There has been some talk of using General Fishing License Funds for dredging projects. This was brought up at the last General Fishing License Funding Advisory Council meeting, and the council was informed that dredging was not an approved project for license funds. Use of license money for projects not approved by the Fish and Wildlife Service not only costs us the three-to-one matching money, it could result in a loss of all federal money coming back to the state.

I doubt if either project will be done anytime soon. Once the Legislature either passes or rejects funding for the dredging projects, we will have a better idea how long the shoals will be a problem.

Flea markets
We have two fishing flea markets coming up very soon. Bill’s Tackle Shop on Route 1 will have its flea market tomorrow. I suggest an early start, as parking is a serious problem. If you plan to sell some of your fishing things, get there well before first light as all spaces are on a first-come, first-served basis.
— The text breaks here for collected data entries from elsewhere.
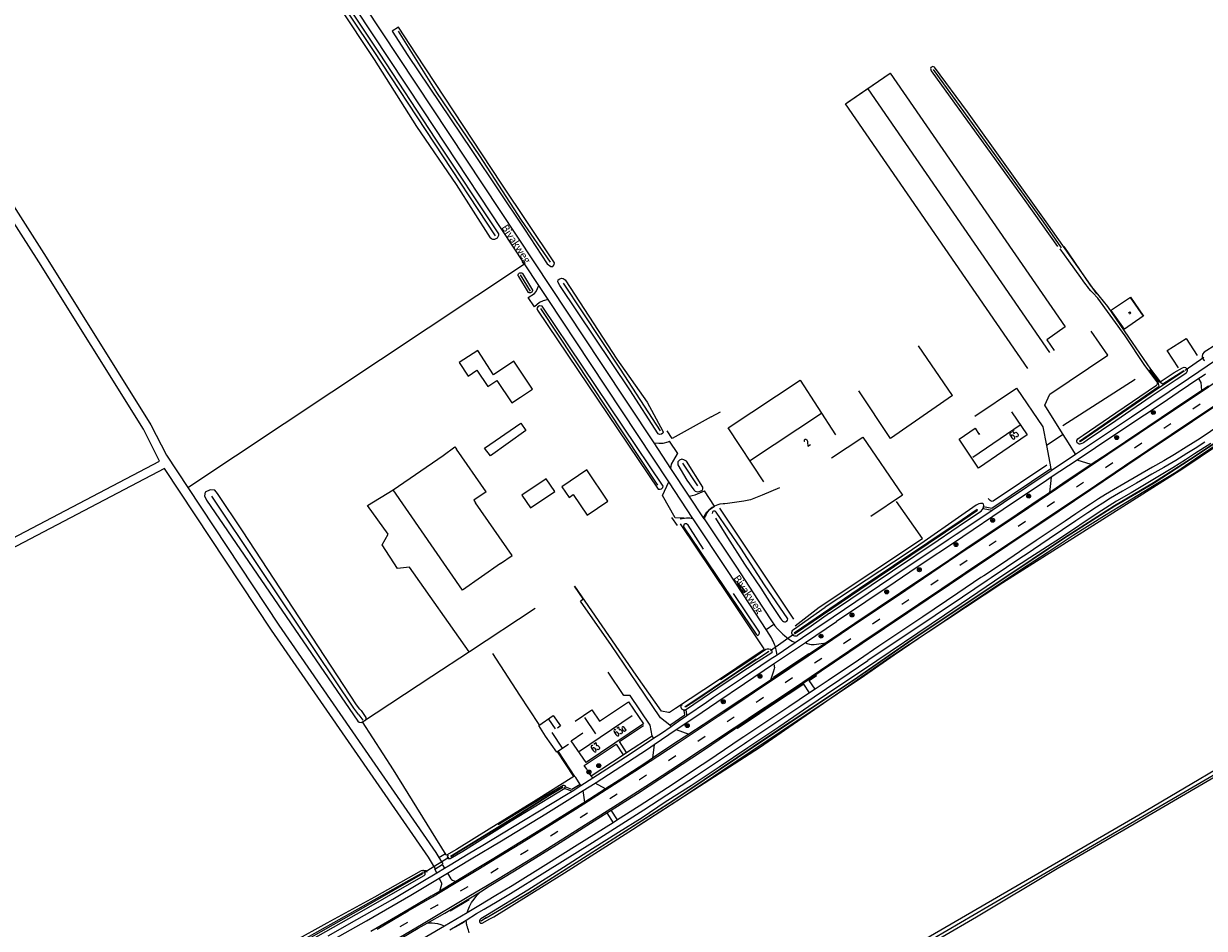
# Model space of a CAD drawing. Extents: x 177628 to 188968, y 384226 to 390673.
# Tile 362 of 393: x 185481 to 185885, y 387807 to 388116. Entities that reach past the tile are written whole.
import ezdxf

# ---------------------------------------------------------------- set-up
doc = ezdxf.new("R2010")
doc.units = 0
doc.linetypes.add('VW-3-9_STREEP', pattern=[12, 3, -9])
for name, color, linetype, lineweight in [('1237', 253, 'Continuous', 13), ('2901', 253, 'Continuous', 13), ('4502', 253, 'Continuous', 13), ('B-AF-CULT-GD', 253, 'HEKWERK', 13), ('B-AF-HAAG-GD', 253, 'HAAG', 13), ('B-AF-HEGR-GD', 253, 'HEKHAAG', 13), ('B-AF-HEKW-GD', 253, 'HEKWERK', 13), ('B-AF-RAST-GD', 253, 'HEKWERK', 13), ('B-BP-BOOM-GD', 253, 'Continuous', 13), ('B-GB-BOUW-GD', 14, 'Continuous', 13), ('B-GB-NOKL-GD', 14, 'Continuous', 13), ('B-MK-ASSTRP-GD', 253, 'VW-3-9_STREEP', 13), ('B-MK-DRIEH-GD', 253, 'VW-HAAIETAND50-L-B', 13), ('B-MK-PIJL-GD', 253, 'Continuous', 13), ('B-MK-STRP-GD', 253, 'Continuous', 13), ('B-TR-SLOO-GD', 253, 'Continuous', 13), ('B-VH-FPAD-GD', 8, 'Continuous', 13), ('B-VH-GOOT-GD', 253, 'Continuous', 13), ('B-VH-HFDR-GD', 8, 'Continuous', 13), ('B-VH-MATE-GD', 253, 'Continuous', 13), ('B-VH-OVRG-GD', 8, 'Continuous', 13), ('B-WT-HDUIK-GD', 253, 'Continuous', 13), ('B01_D', 14, 'Continuous', 9), ('B01_T', 14, 'Continuous', 9), ('B02_F', 14, 'Continuous', 9), ('B02_T', 14, 'Continuous', 9), ('B14_F', 14, 'Continuous', 9), ('T02_F', 253, 'RASTER', 9), ('T03_F', 253, 'Continuous', 9), ('T03_T', 253, 'Continuous', 9), ('T04_F', 253, 'HAAG', 9), ('T07_F', 253, 'Continuous', 9), ('T09_F', 253, 'Continuous', 9), ('T09_T', 253, 'Continuous', 9), ('T10_F', 253, 'Continuous', 9), ('T22_F', 253, 'Continuous', 9), ('V00_F', 8, 'Continuous', 9), ('V00_T', 8, 'Continuous', 9), ('V06_F', 8, 'Continuous', 9), ('Z06', 7, 'Continuous', 9)]:
    doc.layers.add(name, color=color, linetype=linetype, lineweight=lineweight)
doc.styles.add('Legend', font='calibri.ttf')
doc.styles.add('ROMANS', font='ROMANS.shx', dxfattribs={"oblique": 45})
doc.linetypes.add('HAAG', pattern='A,4,-1,[5,TOPOCAD.SHX,S=0.35,R=0,X=-0.35,Y=-0.35],-1', length=6)
doc.linetypes.add('HEKHAAG', pattern='A,7,-1.5,[1,ProvNB.shx,S=0.75,R=45,X=0,Y=0],-1.5,7,-1.5,[1,ProvNB.shx,S=0.75,R=0,X=0,Y=0],-1.5', length=20)
doc.linetypes.add('HEKWERK', pattern='A,7,-1.5,[1,ProvNB.shx,S=0.75,R=0,X=0,Y=0],-1.5', length=10)
doc.linetypes.add('RASTER', pattern='A,4,-1,[4,TOPOCAD.SHX,S=0.5,R=0,X=-0.5,Y=0],-1', length=6)
doc.linetypes.add('VW-HAAIETAND50-L-B', pattern='A,0,-0.5,[138,NLCS.SHX,S=1,R=0,X=-0.625,Y=0],-0.5', length=1)

# ---------------------------------------------------------------- blocks, each defined once
blk = doc.blocks.new('2901_2901', base_point=(177628.113717, 385871.174588))
at = {"layer": '2901'}
for radius in [0.675, 0.45, 0.225]:
    blk.add_circle((177628.113717, 385871.174588), radius, dxfattribs=at)
blk = doc.blocks.new('1237_1237', base_point=(177627.545238, 385871.174588))
at = {"layer": '1237'}
blk.add_polyline3d([(177631.545238, 385871.68062, 0), (177631.543372, 385870.675867, 0), (177627.545238, 385871.174588, 0)], close=True, dxfattribs=at)
blk.add_polyline3d([(177631.034959, 385871.531102, 0), (177631.035602, 385870.817499, 0), (177628.200317, 385871.178854, 0), (177631.03076, 385871.532031, 0)], dxfattribs=at)

msp = doc.modelspace()

# ---------------------------------------------------------------- linework, layer by layer
at = {"layer": 'B-AF-CULT-GD', "flags": 128}
for points in [[(185798.448, 387989.099), (185786.761, 388006.131)], [(185777.213, 387974.374), (185766.32, 387990.643)]]:
    msp.add_lwpolyline(points, dxfattribs=at)
at = {"layer": 'B-AF-HAAG-GD', "flags": 128}
for points in [[(185830.649, 387965.247), (185812.35, 387952.885), (185811.958, 387952.866), (185811.579, 387952.951), (185811.299, 387953.123), (185810.633, 387953.835)], [(185718.632, 387950.53), (185744.027, 387912.576)], [(185752.839, 387916.603), (185788.132, 387940.143), (185779.294, 387952.777)], [(185633.165, 387901.495), (185655.648, 387916.358)], [(185744.518, 387910.215), (185752.839, 387916.603)]]:
    msp.add_lwpolyline(points, dxfattribs=at)
at = {"layer": 'B-AF-HEGR-GD', "flags": 128}
for points in [[(185656.964, 387876.487), (185650.381, 387886.555)], [(185668.886, 387858.729), (185663.383, 387866.985)]]:
    msp.add_lwpolyline(points, dxfattribs=at)
at = {"layer": 'B-AF-HEKW-GD', "flags": 128}
msp.add_lwpolyline([(185650.381, 387886.555), (185641.158, 387900.761)], dxfattribs=at)
at = {"layer": 'B-AF-RAST-GD', "flags": 128}
for points in [[(185859.229, 388022.618), (185863.606, 388016.236), (185857.243, 388011.842), (185852.731, 388018.198)], [(185836.136, 387978.873), (185860.911, 387994.734)], [(185798.448, 387989.099), (185777.213, 387974.374)], [(185705.199, 387945.171), (185721.749, 387920.587), (185733.808, 387902.378)], [(185701.231, 387880.645), (185698.823, 387881.087), (185690.181, 387893.438), (185669.137, 387923.843)], [(185668.886, 387858.729), (185655.953, 387850.605), (185639.853, 387840.619), (185628.654, 387833.716), (185625.281, 387831.721), (185625.187, 387831.873), (185607.117, 387860.957), (185596.503, 387877.434), (185620.287, 387893.078), (185633.165, 387901.495)], [(185733.808, 387902.378), (185733.936, 387902.184), (185730.597, 387899.937), (185718.383, 387891.721), (185703.598, 387881.99), (185701.616, 387880.575), (185701.231, 387880.645)]]:
    msp.add_lwpolyline(points, dxfattribs=at)
at = {"layer": 'B-GB-BOUW-GD', "flags": 128}
for points in [[(185824.182, 387998.355), (185761.79, 388088.938), (185777.049, 388099.41), (185836.906, 388012.638), (185830.637, 388008.201), (185833.169, 388004.548)], [(185858.649, 388017.416), (185859.118, 388017.776), (185859.441, 388017.344), (185858.979, 388016.986)], [(185733.837, 387959.498), (185721.659, 387978.088), (185746.266, 387994.297), (185758.424, 387975.686)], [(185818.56, 387983.532), (185823.987, 387975.64), (185807.357, 387964.237), (185800.663, 387974.114), (185806.121, 387977.866), (185807.433, 387975.915), (185807.801, 387976.134)], [(185756.981, 387967.716), (185767.771, 387974.872), (185781.244, 387955.033), (185770.419, 387947.685)], [(185669.265, 387877.633), (185674.97, 387881.511), (185677.614, 387877.602), (185687.538, 387884.286), (185692.701, 387876.717), (185673.081, 387863.522), (185667.884, 387870.921), (185671.941, 387873.698)], [(185667.076, 387869.675), (185663.011, 387866.98), (185659.158, 387872.539), (185656.868, 387876.148), (185661.824, 387879.53), (185664.26, 387876.005), (185663.24, 387875.293)]]:
    msp.add_lwpolyline(points, dxfattribs=at)
at = {"layer": 'B-GB-NOKL-GD', "flags": 128}
for points in [[(185831.694, 388003.838), (185769.505, 388094.015)], [(185753.566, 387982.922), (185729.285, 387966.904)], [(185821.524, 387978.922), (185805.335, 387967.822)], [(185662.581, 387875.032), (185660.308, 387878.305)], [(185670.758, 387867.337), (185688.844, 387879.634)], [(185676.419, 387873.282), (185672.635, 387878.95)], [(185661.33, 387873.727), (185664.902, 387868.453)]]:
    msp.add_lwpolyline(points, dxfattribs=at)
at = {"layer": 'B-MK-ASSTRP-GD', "flags": 128}
msp.add_lwpolyline([(183944.412, 387070.458), (183952.02, 387071.296), (183963.432, 387072.6), (183973.755, 387073.811), (183985.142, 387075.148), (183997.902, 387076.643), (184007.149, 387077.803), (184012.738, 387078.504), (184015.866, 387078.896), (184023.787, 387079.902), (184031.733, 387080.99), (184038.514, 387081.946), (184046.324, 387083.075), (184052.616, 387084.079), (184062.372, 387085.69), (184070.358, 387087.095), (184078.883, 387088.72), (184087.355, 387090.364), (184096.7, 387092.235), (184103.899, 387093.77), (184111.252, 387095.404), (184111.425, 387095.442), (184123.771, 387098.311), (184141.375, 387102.722), (184156.811, 387106.905), (184172.406, 387111.313), (184186.27, 387115.349), (184204.637, 387120.724), (184207.727, 387121.634), (184232.843, 387129.032), (184261.594, 387137.507), (184282.846, 387143.719), (184303.661, 387149.86), (184329.525, 387157.49), (184363.913, 387167.629), (184386.852, 387174.392), (184399.561, 387178.199), (184421.138, 387184.662), (184444.005, 387191.692), (184478.045, 387202.775), (184494.748, 387208.642), (184494.795, 387208.659), (184523.173, 387218.628), (184556.574, 387231.119), (184568.123, 387235.659), (184581.873, 387241.073), (184588.922, 387243.903), (184593.818, 387245.869), (184604.923, 387250.423), (184615.77, 387254.954), (184627.213, 387259.841), (184637.793, 387264.424), (184640.053, 387265.403), (184649.118, 387269.411), (184659.082, 387273.839), (184668.953, 387278.291), (184679.316, 387283.034), (184680.524, 387283.598), (184689.441, 387287.756), (184701.045, 387293.259), (184707.642, 387296.431), (184711.53, 387298.3), (184722.574, 387303.686), (184732.981, 387308.85), (184744.376, 387314.625), (184757.465, 387321.371), (184764.891, 387325.23), (184769.978, 387327.929), (184772.279, 387329.149), (184779.804, 387333.137), (184788.663, 387337.88), (184796.924, 387342.374), (184806.667, 387347.717), (184820.048, 387355.183), (184832.827, 387362.444), (184841.52, 387367.432), (184852.236, 387373.672), (184857.149, 387376.589), (184862.643, 387379.851), (184875.281, 387387.456), (184888.489, 387395.43), (184901.182, 387403.142), (184912.27, 387409.862), (184924.556, 387417.313), (184935.934, 387424.236), (184942.669, 387428.329), (184949.693, 387432.598), (184962.622, 387440.407), (184975.889, 387448.482), (184988.19, 387455.933), (185001.979, 387464.296), (185015.043, 387472.229), (185028.182, 387480.188), (185030.347, 387481.499), (185044.149, 387489.84), (185073.274, 387507.538), (185096.242, 387521.471), (185113.689, 387532.026), (185114.259, 387532.371), (185120.036, 387535.878), (185131.893, 387543.117), (185146.548, 387552), (185161.393, 387560.989), (185172.777, 387567.864), (185182.893, 387573.996), (185193.695, 387580.423), (185199.264, 387583.686), (185204.585, 387586.804), (185212.923, 387591.643), (185221.14, 387596.338), (185232.105, 387602.57), (185240.882, 387607.498), (185249.419, 387612.192), (185257.663, 387616.673), (185269.427, 387623.04), (185286.671, 387632.329), (185294.499, 387636.546), (185316.587, 387648.416), (185329.692, 387655.461), (185348.253, 387665.478), (185369.366, 387676.846), (185374.563, 387679.641), (185390.424, 387688.172), (185400.986, 387693.869), (185422.114, 387705.266), (185443.177, 387716.608), (185462.76, 387727.158), (185466.73, 387729.298), (185497.075, 387745.679), (185513.336, 387754.404), (185525.616, 387760.989), (185535.704, 387766.436), (185545.139, 387771.54), (185550.773, 387774.601), (185554.252, 387776.491), (185561.636, 387780.477), (185568.948, 387784.48), (185577.123, 387788.996), (185586.07, 387793.974), (185595.122, 387799.084), (185603.096, 387803.642), (185613.748, 387809.838), (185622.033, 387814.709), (185629.021, 387818.899), (185635.198, 387822.604), (185637.515, 387824.01), (185644.061, 387827.983), (185652.489, 387833.182), (185661.818, 387838.964), (185670.926, 387844.668), (185679.882, 387850.337), (185691.271, 387857.643), (185699.088, 387862.764), (185706.4, 387867.567), (185719.727, 387876.444), (185721.675, 387877.754), (185729.973, 387883.334), (185732.242, 387884.86), (185738.299, 387888.973), (185757.89, 387902.042), (185765.768, 387907.38), (185804.927, 387933.722), (185805.444, 387934.069), (185845.245, 387960.79), (185875.094, 387980.841), (185887.944, 387989.473), (185905.016, 388000.94), (185940.462, 388024.767), (185970.341, 388044.898), (185970.919, 388045.287), (185982.816, 388053.292), (186020.236, 388078.437), (186053.905, 388101.084), (186060.105, 388105.254), (186099.969, 388132.042), (186136.894, 388156.876), (186139.014, 388158.302), (186178.944, 388185.13), (186211.32, 388206.914), (186219.794, 388212.613), (186258.815, 388238.852), (186294.99, 388263.063), (186302.966, 388268.318), (186324.939, 388282.795), (186354.934, 388302.418), (186384.967, 388322.047), (186386.61, 388323.124), (186415.006, 388341.733), (186447.357, 388363.161), (186469.928, 388378.422), (186487.988, 388390.634), (186522.539, 388414.381), (186552.061, 388434.794), (186552.375, 388435.011), (186591.589, 388462.132), (186621.245, 388482.669), (186634.606, 388491.916), (186650.955, 388503.231), (186680.626, 388523.721), (186716.861, 388548.786), (186720.265, 388551.141), (186761.12, 388579.373), (186799.113, 388605.659), (186800.413, 388606.558), (186843.546, 388636.4), (186881.346, 388662.561), (186902.899, 388677.477), (186914.87, 388685.771), (186928.834, 388695.48), (186943.945, 388706.066), (186956.492, 388714.945), (186962.785, 388719.488), (186972.094, 388726.208), (186986.385, 388736.608), (186999.405, 388746.231), (187012.404, 388755.989), (187025.791, 388766.134), (187038.048, 388775.406), (187042.93, 388779.107), (187049.596, 388784.161), (187059.688, 388791.795), (187070.007, 388799.64), (187080.386, 388807.484), (187091.627, 388815.999), (187104.113, 388825.452), (187116.189, 388834.57), (187122.69, 388839.475), (187124.579, 388840.901), (187128.403, 388843.794), (187136.942, 388850.255), (187152.391, 388861.968), (187156.649, 388865.209), (187165.198, 388871.66), (187172.972, 388877.552), (187180.679, 388883.391), (187187.857, 388888.815), (187194.476, 388893.815), (187200.809, 388898.618), (187202.426, 388899.838), (187207.173, 388903.419), (187213.258, 388907.982), (187220.155, 388913.104), (187226.601, 388917.892), (187234.132, 388923.385), (187241.035, 388928.349), (187247.153, 388932.714), (187253.715, 388937.328), (187259.552, 388941.389), (187265.664, 388945.606), (187271.763, 388949.75), (187279.179, 388954.712), (187284.034, 388957.938), (187288.001, 388960.573), (187296.417, 388966.088), (187304.113, 388971.043), (187312.488, 388976.371), (187321.175, 388981.845), (187329.2, 388986.794), (187336.423, 388991.171), (187347.234, 388997.666), (187355.385, 389002.491), (187364.617, 389007.889), (187369.274, 389010.564), (187373.351, 389012.906), (187383.55, 389018.746), (187391.354, 389023.182), (187399.729, 389027.947), (187409.043, 389033.149), (187417.7, 389037.939), (187425.952, 389042.506), (187435.215, 389047.522), (187443.298, 389051.859), (187449.185, 389054.994), (187456.297, 389058.639), (187463.273, 389062.161), (187471.291, 389066.134), (187479.197, 389069.969), (187486.731, 389073.532), (187495.836, 389077.681), (187502.129, 389080.449), (187505.366, 389081.872), (187515.302, 389086.134), (187524.74, 389090.108), (187533.55, 389093.818), (187544.216, 389098.293), (187548.392, 389100.027), (187552.912, 389101.905), (187561.746, 389105.557), (187569.799, 389108.937), (187579.694, 389113.029), (187589.404, 389117.045), (187600.626, 389121.678), (187611.176, 389126.036), (187620.579, 389129.941), (187627.506, 389132.811), (187635.464, 389136.159), (187640.702, 389138.397), (187642.123, 389139.004), (187649.209, 389142.094), (187655.76, 389144.998), (187661.931, 389147.773), (187666.965, 389150.098), (187673.133, 389153.049), (187678.06, 389155.479), (187685.805, 389159.33), (187693.353, 389163.127), (187700.589, 389166.873), (187710.043, 389171.904), (187717.972, 389176.292), (187724.462, 389179.979), (187729.627, 389183.021), (187730.532, 389183.554), (187736.361, 389187.049), (187741.741, 389190.353), (187747.177, 389193.778), (187753.716, 389197.979), (187760.089, 389202.175), (187766.168, 389206.249), (187773.118, 389210.99), (187778.727, 389214.924), (187784.459, 389219.069), (187789.352, 389222.66), (187795.124, 389226.932), (187800.154, 389230.719), (187806.175, 389235.283), (187811.497, 389239.481), (187812.14, 389239.988), (187816.945, 389243.825), (187823.942, 389249.6), (187830.458, 389254.877), (187837.294, 389260.699), (187843.444, 389266.007), (187848.199, 389270.121), (187854.933, 389275.94), (187861.712, 389281.812), (187869.164, 389288.253), (187876.351, 389294.48), (187884.405, 389301.452), (187887.829, 389304.422), (187888.334, 389304.861), (187889.364, 389305.754), (187892.772, 389308.696), (187897.265, 389312.503), (187901.072, 389315.671), (187905.63, 389319.389), (187910.153, 389323.072), (187914.275, 389326.394), (187918.745, 389329.944), (187922.394, 389332.834), (187926.332, 389335.907), (187929.595, 389338.428), (187933.176, 389341.134), (187936.658, 389343.755), (187940.773, 389346.797), (187945.751, 389350.425), (187949.016, 389352.775), (187952.932, 389355.569), (187956.47, 389358.093), (187959.735, 389360.384), (187964.174, 389363.496), (187967.993, 389366.149), (187971.877, 389368.808), (187976.082, 389371.666), (187982.065, 389375.666)], dxfattribs=at)
at = {"layer": 'B-MK-DRIEH-GD', "flags": 128}
for points in [[(185749.304, 387900.655), (185737.206, 387892.532)], [(185626.566, 387812.75), (185633.082, 387816.595)], [(185628.409, 387807.229), (185631.384, 387808.954)]]:
    msp.add_lwpolyline(points, dxfattribs=at)
at = {"layer": 'B-MK-STRP-GD', "flags": 128}
for points in [[(185762.781, 387909.346), (185782.398, 387922.523), (185803.103, 387936.455), (185804.883, 387937.653), (185824.52, 387950.821), (185841.226, 387962.046), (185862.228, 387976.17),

Reps from various tackle companies will be there to demonstrate their products.

Rick’s Bait and Tackle on Long Neck Road will have its flea market next Saturday, April 21. It too is first-come, first-served and organizers recommend arriving to set up your table between 5 and 6 a.m. The store and the flea market will open at 6 a.m.

Flea markets are great place to get rid of stuff you no longer use and buy more stuff to fill the void in your tackle locker. It is a strong man who can sell his old things without spending more than he made on new things he didn’t even know he needed.